Ex-ante impact assessment of the Campus for Ageing and Vitality

Newcastle University appointed Ortus Economic Research, working with New Skills Consulting and Cloud Chamber, to undertake an early-stage social, economic and policy impact assessment of the proposed Campus for Ageing and Vitality (CAV). CAV is an ambitious, large-scale, multi-faceted capital development centred on the redevelopment of a major brownfield site in Newcastle, integrating university research facilities, an Integrated Health Hub, specialist care and later living accommodation, residential development, commercial space, community facilities and sustainable connectivity. Its overarching purpose is to support longer, healthier lives while strengthening Newcastle’s position in ageing research, health innovation and inclusive economic growth.

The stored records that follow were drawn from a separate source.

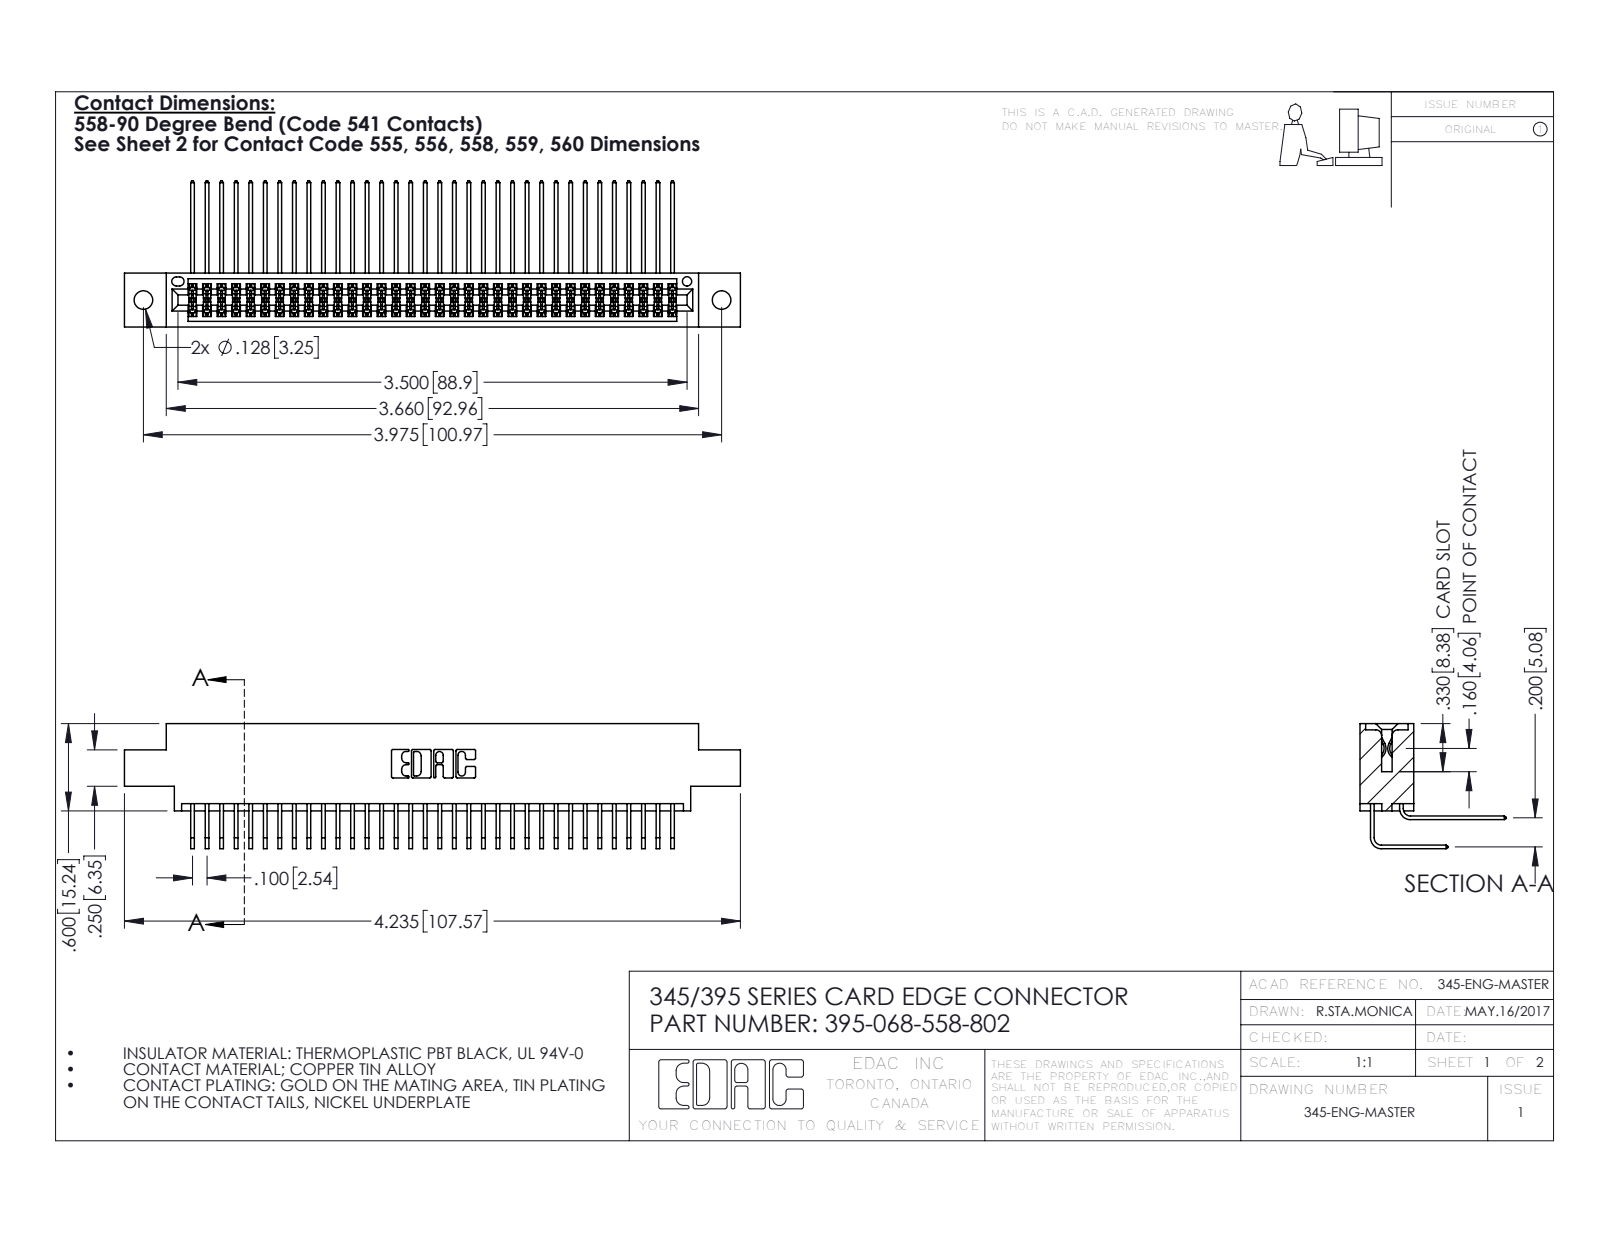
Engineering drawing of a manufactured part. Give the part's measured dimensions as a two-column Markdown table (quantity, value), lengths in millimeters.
| quantity | value |
| --- | --- |
| part name | 345-292-001_558 Tail - 2; 395-068-558-802; 345 Part_0.170 Offset - 0.128 Dia; 345-292-001_558 559 Tail - 1 |
| STEP written by | SolidWorks 2016 (CONFIG_CONTROL_DESIGN) |
| units | millimeters |
| bodies | 69 solids, 3666 faces (2464 planar, 1202 cylindrical, 0 other) |
| overall size | 107.6 × 25.5 × 21.8 |
| volume | 10 600 mm³ |
| surface area | 17 250 mm² |
| round holes (diameter × count) | 3.3 × 2, 1.6 × 1 |
| partial cylindrical surfaces (radius × count) | 0.2 × 103, 0.3 × 22, 0.2 × 6, 0.8 × 6, 0.7 × 3, 0.4 × 2, 0.5 × 2, 0.6 × 2 |
| main face-to-face distances | 1.8, 7.6, 5.1, 9.4, 2.5, 6.9, 0.6, 5.7, 4.4, 0.6 |
| hole center spacings | 6.9, 95, 101 |

The study began with a detailed review of the CAV vision, masterplan, emerging development proposals, partner documentation and relevant national, regional and local policy frameworks. Consultation was undertaken with Newcastle University, NHS partners, Newcastle City Council and advisers involved in developing the CAV masterplan. This informed the development of an evaluation framework and logic model, mapping the project’s investment and activities to anticipated impacts across health, wealth, wellbeing, research and innovation, workforce development, regeneration, community engagement and net zero carbon.

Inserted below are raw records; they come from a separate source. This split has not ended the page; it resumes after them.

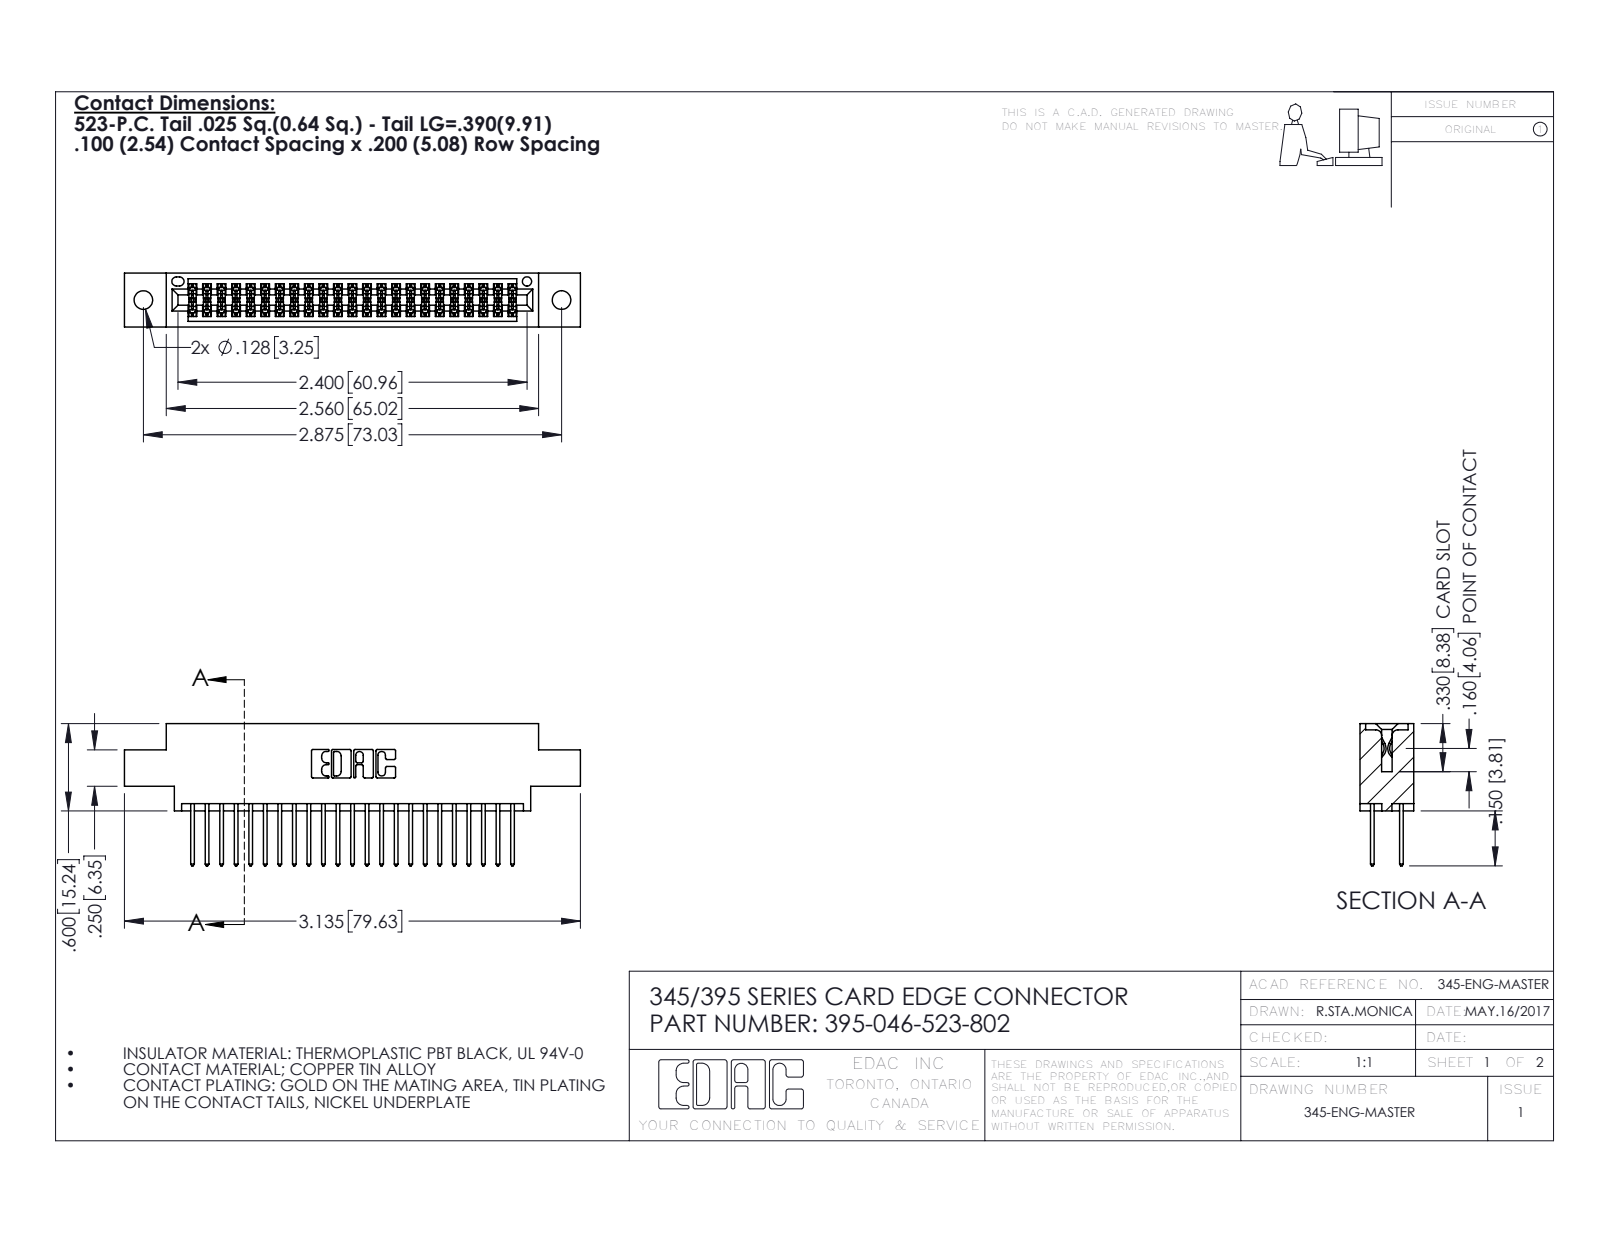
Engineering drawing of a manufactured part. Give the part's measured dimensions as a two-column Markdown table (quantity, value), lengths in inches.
| quantity | value |
| --- | --- |
| part name | 345 Part_0.170 Offset - 0.128 Dia; 395-046-523-802; 345-292-001_345-293-123 |
| STEP written by | SolidWorks 2016 (CONFIG_CONTROL_DESIGN) |
| units | inches |
| bodies | 47 solids, 2430 faces (1602 planar, 828 cylindrical, 0 other) |
| overall size | 3.135 × 0.977 × 0.37 |
| volume | 0.458 in³ |
| surface area | 17.08 in² |
| round holes (diameter × count) | 0.128 × 2, 0.064 × 1 |
| partial cylindrical surfaces (radius × count) | 0.006 × 69, 0.01 × 46, 0.01 × 22, 0.007 × 6, 0.031 × 6, 0.026 × 3, 0.014 × 2, 0.019 × 2 |
| main face-to-face distances | 0.298, 0.072, 0.2, 0.37, 0.098, 0.272, 0.025, 0.225, 0.175, 0.15 |
| hole center spacings | 0.27, 2.641, 2.875 |

The assessment required the implementation of complex, bespoke impact modelling appropriate to a major mixed-use capital investment. Construction phase impacts were modelled over a five-year development period, based on an assumed £250 million construction investment. Operational impacts were assessed over a 25-year period using alternative development scenarios, floorspace estimates, employment densities, sector-specific multipliers, GVA per worker data, wage assumptions, discounting and adjustments for displacement and substitution. This estimated the potential contribution of the development in terms of construction job years, operational jobs, additional GVA and staff incomes.

A separate research impact model was developed to assess the health and economic benefits arising from future ageing and healthcare research activity on the campus. This incorporated assumptions relating to research investment, leverage, attribution, time lags, health benefits, private R&D investment and benefit-cost ratios, alongside a worked assessment of potential dementia care cost savings.

The final report provided Newcastle University with an evidence base to inform project development, stakeholder engagement, funding applications and investment discussions. It demonstrated that Ortus can design and implement rigorous, Green Book-aligned impact assessment approaches for complex capital investments combining physical regeneration, health provision, research infrastructure, housing, innovation and long-term economic development outcomes.